To build the image from scratch:
```sh
docker build . -f Dockerfile.server -t soar97/triton-cosyvoice:25.06
```

### Run a Docker Container
```sh
your_mount_dir=/mnt:/mnt
docker run -it --name "cosyvoice-server" --gpus all --net host -v $your_mount_dir --shm-size=2g soar97/triton-cosyvoice:25.06
```

### Understanding `run_cosyvoice3.sh`

The `run_cosyvoice3.sh` script orchestrates the entire workflow through numbered stages.

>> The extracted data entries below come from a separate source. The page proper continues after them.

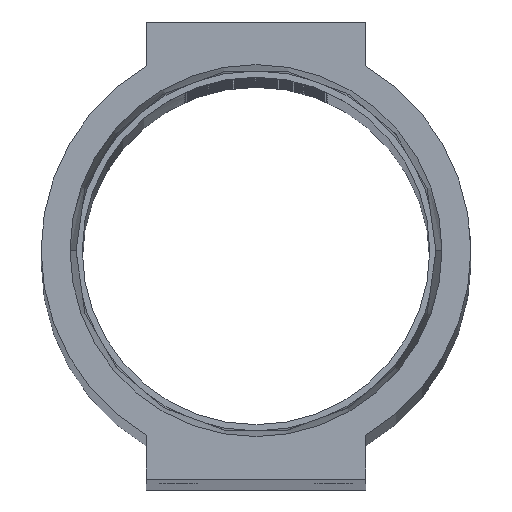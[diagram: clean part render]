
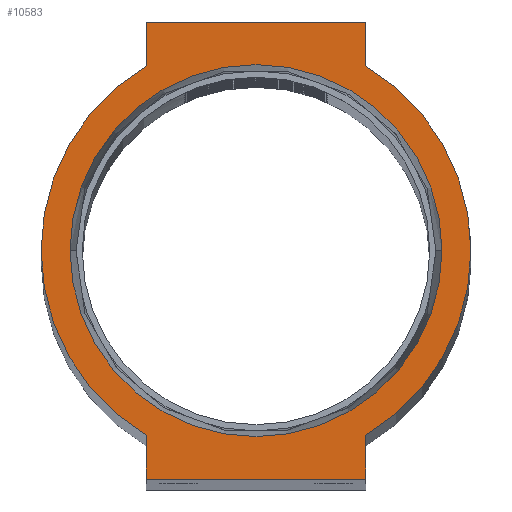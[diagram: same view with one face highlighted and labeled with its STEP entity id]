
A CAD part, top view. The second image highlights one B-rep face of the part: STEP entity #10583.
In plain terms, the highlighted planar face has unit normal (0, 0, 1).
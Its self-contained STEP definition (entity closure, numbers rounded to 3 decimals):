
#33 = AXIS2_PLACEMENT_3D ( 'NONE', #13803, #11311, #4620 ) ;
#117 = DIRECTION ( 'NONE',  ( 0., 0., 1. ) ) ;
#175 = ORIENTED_EDGE ( 'NONE', *, *, #4850, .T. ) ;
#397 = VERTEX_POINT ( 'NONE', #4816 ) ;
#923 = VERTEX_POINT ( 'NONE', #7884 ) ;
#935 = DIRECTION ( 'NONE',  ( 1., 0., 0. ) ) ;
#965 = CIRCLE ( 'NONE', #6319, 20.34 ) ;
#996 = EDGE_CURVE ( 'NONE', #4394, #12123, #14885, .T. ) ;
#1127 = DIRECTION ( 'NONE',  ( 0., -1., 0. ) ) ;
#1183 = CARTESIAN_POINT ( 'NONE',  ( 0., 0., 0. ) ) ;
#1246 = PLANE ( 'NONE',  #3536 ) ;
#1267 = CIRCLE ( 'NONE', #8278, 23.5 ) ;
#1392 = CARTESIAN_POINT ( 'NONE',  ( -12., 25., 0. ) ) ;
#1483 = VECTOR ( 'NONE', #7617, 1000. ) ;
#1616 = LINE ( 'NONE', #2970, #13302 ) ;
#2166 = EDGE_CURVE ( 'NONE', #4081, #3726, #965, .T. ) ;
#2172 = CARTESIAN_POINT ( 'NONE',  ( 0., 0., 0. ) ) ;
#2454 = EDGE_CURVE ( 'NONE', #12903, #923, #1616, .T. ) ;
#2455 = LINE ( 'NONE', #1392, #12874 ) ;
#2933 = CIRCLE ( 'NONE', #33, 23.5 ) ;
#2970 = CARTESIAN_POINT ( 'NONE',  ( 12., 25., 0. ) ) ;
#2971 = DIRECTION ( 'NONE',  ( 1., 0., 0. ) ) ;
#3296 = CARTESIAN_POINT ( 'NONE',  ( -20.34, 0., 0. ) ) ;
#3394 = DIRECTION ( 'NONE',  ( 0., 0., 1. ) ) ;
#3417 = CARTESIAN_POINT ( 'NONE',  ( 12., -25., 0. ) ) ;
#3461 = ORIENTED_EDGE ( 'NONE', *, *, #6364, .T. ) ;
#3500 = AXIS2_PLACEMENT_3D ( 'NONE', #1183, #117, #10623 ) ;
#3517 = CARTESIAN_POINT ( 'NONE',  ( -12., 25., 0. ) ) ;
#3536 = AXIS2_PLACEMENT_3D ( 'NONE', #10238, #4665, #935 ) ;
#3726 = VERTEX_POINT ( 'NONE', #10112 ) ;
#3736 = EDGE_CURVE ( 'NONE', #9360, #397, #2933, .T. ) ;
#3780 = CARTESIAN_POINT ( 'NONE',  ( 0., 0., 0. ) ) ;
#3785 = EDGE_CURVE ( 'NONE', #3726, #4081, #10658, .T. ) ;
#3934 = DIRECTION ( 'NONE',  ( 0., 0., 1. ) ) ;
#3997 = EDGE_CURVE ( 'NONE', #5083, #9360, #6475, .T. ) ;
#4025 = LINE ( 'NONE', #8611, #5494 ) ;
#4081 = VERTEX_POINT ( 'NONE', #3296 ) ;
#4108 = ORIENTED_EDGE ( 'NONE', *, *, #13222, .T. ) ;
#4306 = ORIENTED_EDGE ( 'NONE', *, *, #6427, .T. ) ;
#4394 = VERTEX_POINT ( 'NONE', #14108 ) ;
#4620 = DIRECTION ( 'NONE',  ( 1., 0., 0. ) ) ;
#4665 = DIRECTION ( 'NONE',  ( 0., 0., 1. ) ) ;
#4816 = CARTESIAN_POINT ( 'NONE',  ( 23.5, 0., 0. ) ) ;
#4850 = EDGE_CURVE ( 'NONE', #9903, #4394, #1267, .T. ) ;
#5083 = VERTEX_POINT ( 'NONE', #3417 ) ;
#5104 = LINE ( 'NONE', #8644, #5653 ) ;
#5494 = VECTOR ( 'NONE', #13213, 1000. ) ;
#5653 = VECTOR ( 'NONE', #13013, 1000. ) ;
#6234 = DIRECTION ( 'NONE',  ( 0., 1., 0. ) ) ;
#6319 = AXIS2_PLACEMENT_3D ( 'NONE', #3780, #3934, #8381 ) ;
#6364 = EDGE_CURVE ( 'NONE', #923, #7893, #2455, .T. ) ;
#6388 = CARTESIAN_POINT ( 'NONE',  ( 12., -25., 0. ) ) ;
#6427 = EDGE_CURVE ( 'NONE', #7893, #9903, #5104, .T. ) ;
#6475 = LINE ( 'NONE', #6388, #1483 ) ;
#7086 = DIRECTION ( 'NONE',  ( -1., 0., 0. ) ) ;
#7546 = AXIS2_PLACEMENT_3D ( 'NONE', #2172, #3394, #9144 ) ;
#7617 = DIRECTION ( 'NONE',  ( 0., 1., 0. ) ) ;
#7884 = CARTESIAN_POINT ( 'NONE',  ( 12., 25., 0. ) ) ;
#7893 = VERTEX_POINT ( 'NONE', #3517 ) ;
#8016 = ORIENTED_EDGE ( 'NONE', *, *, #3785, .F. ) ;
#8243 = ORIENTED_EDGE ( 'NONE', *, *, #2166, .F. ) ;
#8278 = AXIS2_PLACEMENT_3D ( 'NONE', #11885, #10977, #2971 ) ;
#8381 = DIRECTION ( 'NONE',  ( 1., 0., 0. ) ) ;
#8611 = CARTESIAN_POINT ( 'NONE',  ( -12., -25., 0. ) ) ;
#8644 = CARTESIAN_POINT ( 'NONE',  ( -12., 25., 0. ) ) ;
#8886 = EDGE_LOOP ( 'NONE', ( #8016, #8243 ) ) ;
#9144 = DIRECTION ( 'NONE',  ( 1., 0., 0. ) ) ;
#9360 = VERTEX_POINT ( 'NONE', #14087 ) ;
#9694 = ORIENTED_EDGE ( 'NONE', *, *, #3736, .T. ) ;
#9903 = VERTEX_POINT ( 'NONE', #13385 ) ;
#10112 = CARTESIAN_POINT ( 'NONE',  ( 20.34, 0., 0. ) ) ;
#10154 = FACE_BOUND ( 'NONE', #8886, .T. ) ;
#10238 = CARTESIAN_POINT ( 'NONE',  ( 0., 0., 0. ) ) ;
#10421 = CARTESIAN_POINT ( 'NONE',  ( 12., 20.205, 0. ) ) ;
#10583 = ADVANCED_FACE ( 'NONE', ( #10154, #12647 ), #1246, .T. ) ;
#10623 = DIRECTION ( 'NONE',  ( 1., 0., 0. ) ) ;
#10658 = CIRCLE ( 'NONE', #7546, 20.34 ) ;
#10937 = ORIENTED_EDGE ( 'NONE', *, *, #12013, .T. ) ;
#10977 = DIRECTION ( 'NONE',  ( 0., 0., 1. ) ) ;
#11311 = DIRECTION ( 'NONE',  ( 0., 0., 1. ) ) ;
#11796 = ORIENTED_EDGE ( 'NONE', *, *, #3997, .T. ) ;
#11885 = CARTESIAN_POINT ( 'NONE',  ( 0., 0., 0. ) ) ;
#11933 = CIRCLE ( 'NONE', #3500, 23.5 ) ;
#12013 = EDGE_CURVE ( 'NONE', #12123, #5083, #4025, .T. ) ;
#12123 = VERTEX_POINT ( 'NONE', #12519 ) ;
#12420 = ORIENTED_EDGE ( 'NONE', *, *, #2454, .T. ) ;
#12519 = CARTESIAN_POINT ( 'NONE',  ( -12., -25., 0. ) ) ;
#12647 = FACE_OUTER_BOUND ( 'NONE', #13723, .T. ) ;
#12679 = CARTESIAN_POINT ( 'NONE',  ( -12., -25., 0. ) ) ;
#12874 = VECTOR ( 'NONE', #7086, 1000. ) ;
#12903 = VERTEX_POINT ( 'NONE', #10421 ) ;
#13013 = DIRECTION ( 'NONE',  ( 0., -1., 0. ) ) ;
#13213 = DIRECTION ( 'NONE',  ( 1., 0., 0. ) ) ;
#13222 = EDGE_CURVE ( 'NONE', #397, #12903, #11933, .T. ) ;
#13302 = VECTOR ( 'NONE', #6234, 1000. ) ;
#13385 = CARTESIAN_POINT ( 'NONE',  ( -12., 20.205, 0. ) ) ;
#13723 = EDGE_LOOP ( 'NONE', ( #12420, #3461, #4306, #175, #14908, #10937, #11796, #9694, #4108 ) ) ;
#13803 = CARTESIAN_POINT ( 'NONE',  ( 0., 0., 0. ) ) ;
#14087 = CARTESIAN_POINT ( 'NONE',  ( 12., -20.205, 0. ) ) ;
#14108 = CARTESIAN_POINT ( 'NONE',  ( -12., -20.205, 0. ) ) ;
#14805 = VECTOR ( 'NONE', #1127, 1000. ) ;
#14885 = LINE ( 'NONE', #12679, #14805 ) ;
#14908 = ORIENTED_EDGE ( 'NONE', *, *, #996, .T. ) ;

You can run a subset of stages with:
```sh
bash run_cosyvoice3.sh <start_stage> <stop_stage>
```
- `<start_stage>`: The stage to start from.
- `<stop_stage>`: The stage to stop after.

**Stages:**

- **Stage -1**: Clones the `CosyVoice` repository.
- **Stage 0**: Downloads the `Fun-CosyVoice3-0.5B-2512` model and its HuggingFace LLM checkpoint.
- **Stage 1**: Converts the HuggingFace checkpoint for the LLM to the TensorRT-LLM format and builds the TensorRT engines.
- **Stage 2**: Creates the Triton model repository, including configurations for `cosyvoice3`, `token2wav`, `vocoder`, `audio_tokenizer`, and `speaker_embedding`.
- **Stage 3**: Launches the Triton Inference Server for Token2Wav module and uses `trtllm-serve` to deploy CosyVoice3 LLM.
- **Stage 4**: Runs the gRPC benchmark client for performance testing.
- **Stage 5**: Runs the offline TTS inference benchmark test.

### Export Models and Launch Server

Inside the Docker container, prepare the models and start the Triton server by running stages 0-3:
```sh
# This command runs stages 0, 1, 2, and 3
bash run_cosyvoice3.sh 0 3
```

### Benchmark with client-server mode

To benchmark the running Triton server, run stage 4:
```sh
bash run_cosyvoice3.sh 4 4

# You can customize parameters such as the number of tasks inside the script.
```
The following results were obtained by decoding on a single L20 GPU.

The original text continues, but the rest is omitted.